For the fastest path to a logged-in Mission Control on a fresh checkout, use the one-command setup script — it brings up Postgres, applies migrations, seeds a demo workspace, writes .env.local with AUTH_STUB bypass, and tells you what to run next:
bash services/approval-ui/scripts/dev-setup.sh
cd services/approval-ui && pnpm dev --ignore-workspace
# → http://localhost:3000Mission Control's surface — every tile is real data, every tile click-throughs to a detail page:
| Surface | What it shows |
|---|---|
/ |
Mission Control bento — 9 real-data tiles (HeroKpi, ApprovalQueue, AgentActivity, Experiments, Anomalies, InstitutionalMemory, BusHealth, plus CTR/Reach/Spend metric tiles); every tile has a header link to its detail surface |
/inbox |
Full approval queue, grouped by channel, oldest-first |
/drafts/[id] |
Per-draft detail with approve/deny actions + USP 5 lesson-capture form |
/pipeline |
Publish-pipeline visualization — 5 happy-path stages + 2 terminal branches, with current draft counts at each node |
/performance |
KPI history with 7d/30d/12w range toggle |
/experiments + /experiments/[id] |
Bandit list + per-bandit posterior + arm/reward drill-down |
/memory |
Institutional-memory archive — every lesson grouped by scope (forever / topic / client) |
/agents |
Full agent directory with role-mapped AgentMarks, status, job descriptions, tools |
/activity |
Audit-log feed grouped by date |
/system |
Service + bus health detail (3 tiers: closed-loop bus, models + scoring, safety + compliance) |
/workspace |
Workspace at-a-glance — identity, agent roster, codified voice (top forever-scope lessons) |
/calendar |
Editorial calendar — upcoming scheduled drafts + recent published, with unscheduled-loose-ends rail |
/members |
Workspace member directory (active memberships + MFA + WorkOS link status) |
/settings |
Configuration readout: identity, active regimes, integration + features checklist |
/pitch |
Guided tour — 5-beat narrative walkthrough with talking points lifted verbatim for live demos. Bookmarkable; not in sidebar nav |
For a deeper walkthrough of the closed-loop story across these surfaces, open http://localhost:3000/pitch after running the seed — it's the in-app teleprompter for investor + design-partner demos. The seeded "Demo Workspace" tenant surfaces a DEMO DATA · seeded workspace badge top-right on every page, so live audiences always know whether they're seeing seed data or production.
For the full stack including agent services:
# 1. Start the stack
cp .env.example .env # edit with your keys
docker compose up -d # n8n + postgres + qdrant + langfuse + redpanda + ollama + litellm + traefik
# 2. Wait for health checks
docker compose ps # all services should be healthy within ~5 minutes
# 3. Mission Control UI
cd services/approval-ui && pnpm install && pnpm dev
# → http://localhost:3000
# 4. CrewAI service
cd services/agent-crewai && uv sync && uv run uvicorn main:app --reload --port 8001
# → http://localhost:8001/health
# 5. LangGraph service
cd services/agent-langgraph && uv sync && uv run uvicorn main:app --reload --port 8002
# → http://localhost:8002/healthThe closed-loop bandit pipeline (generate → publish → measure → learn) is documented step-by-step in docs/closed-loop.md. The full service mesh + data plane reference is docs/architecture.md. Approval-ui's API surface is in docs/api.md + docs/openapi.yaml.

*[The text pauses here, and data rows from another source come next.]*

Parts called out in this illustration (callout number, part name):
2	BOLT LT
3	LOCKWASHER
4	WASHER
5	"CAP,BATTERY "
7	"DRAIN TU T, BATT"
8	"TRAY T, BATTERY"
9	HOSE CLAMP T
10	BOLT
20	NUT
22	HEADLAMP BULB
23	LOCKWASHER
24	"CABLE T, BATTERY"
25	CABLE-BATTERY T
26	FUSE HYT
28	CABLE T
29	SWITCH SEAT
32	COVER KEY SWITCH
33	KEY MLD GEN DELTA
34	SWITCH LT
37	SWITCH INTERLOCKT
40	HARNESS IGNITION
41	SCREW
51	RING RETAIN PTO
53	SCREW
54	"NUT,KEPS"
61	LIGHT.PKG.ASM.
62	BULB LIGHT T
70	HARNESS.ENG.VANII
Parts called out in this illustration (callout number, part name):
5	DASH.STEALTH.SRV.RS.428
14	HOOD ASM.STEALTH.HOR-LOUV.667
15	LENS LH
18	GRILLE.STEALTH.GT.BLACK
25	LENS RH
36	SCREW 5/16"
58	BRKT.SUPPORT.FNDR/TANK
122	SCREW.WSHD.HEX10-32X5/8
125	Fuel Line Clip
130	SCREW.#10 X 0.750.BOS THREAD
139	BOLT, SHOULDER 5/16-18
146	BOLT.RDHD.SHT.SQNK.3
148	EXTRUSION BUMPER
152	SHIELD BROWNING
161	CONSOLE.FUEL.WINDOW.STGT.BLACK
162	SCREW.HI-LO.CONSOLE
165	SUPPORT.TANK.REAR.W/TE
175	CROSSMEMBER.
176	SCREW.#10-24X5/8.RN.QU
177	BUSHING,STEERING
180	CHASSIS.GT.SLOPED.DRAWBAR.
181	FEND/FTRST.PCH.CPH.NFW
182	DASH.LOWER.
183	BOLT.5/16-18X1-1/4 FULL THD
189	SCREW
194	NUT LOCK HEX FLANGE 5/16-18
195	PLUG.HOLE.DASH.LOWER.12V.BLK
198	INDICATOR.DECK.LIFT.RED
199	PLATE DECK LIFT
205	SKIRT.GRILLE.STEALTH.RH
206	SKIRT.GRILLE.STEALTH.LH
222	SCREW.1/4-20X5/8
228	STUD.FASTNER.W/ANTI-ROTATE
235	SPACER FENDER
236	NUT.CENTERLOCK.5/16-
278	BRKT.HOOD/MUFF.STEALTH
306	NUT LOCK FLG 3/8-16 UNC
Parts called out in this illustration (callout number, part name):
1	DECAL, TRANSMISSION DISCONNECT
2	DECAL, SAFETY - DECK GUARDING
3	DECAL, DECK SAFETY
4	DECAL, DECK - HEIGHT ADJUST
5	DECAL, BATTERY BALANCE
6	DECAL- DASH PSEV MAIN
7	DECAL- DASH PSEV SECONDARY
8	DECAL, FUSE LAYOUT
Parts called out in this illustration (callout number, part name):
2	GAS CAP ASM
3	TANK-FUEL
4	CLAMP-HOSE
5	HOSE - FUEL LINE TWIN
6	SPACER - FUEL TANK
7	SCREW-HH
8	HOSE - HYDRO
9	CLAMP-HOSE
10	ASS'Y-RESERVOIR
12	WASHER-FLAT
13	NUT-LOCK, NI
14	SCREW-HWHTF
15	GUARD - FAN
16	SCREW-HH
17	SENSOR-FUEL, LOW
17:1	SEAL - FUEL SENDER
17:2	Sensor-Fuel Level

See CONTRIBUTING.md. The hard rule: core/ cannot import from signals/. Period.
Procurement-ready templates for ToS, Privacy, IP ownership, AI-content disclosure, and DPA live under legal/. They are starting points, not legal advice — counsel must review before any production deployment.
MIT — see LICENSE.
The proprietary signals/ and hosted/ trees ship under separate licenses and are not in this repo.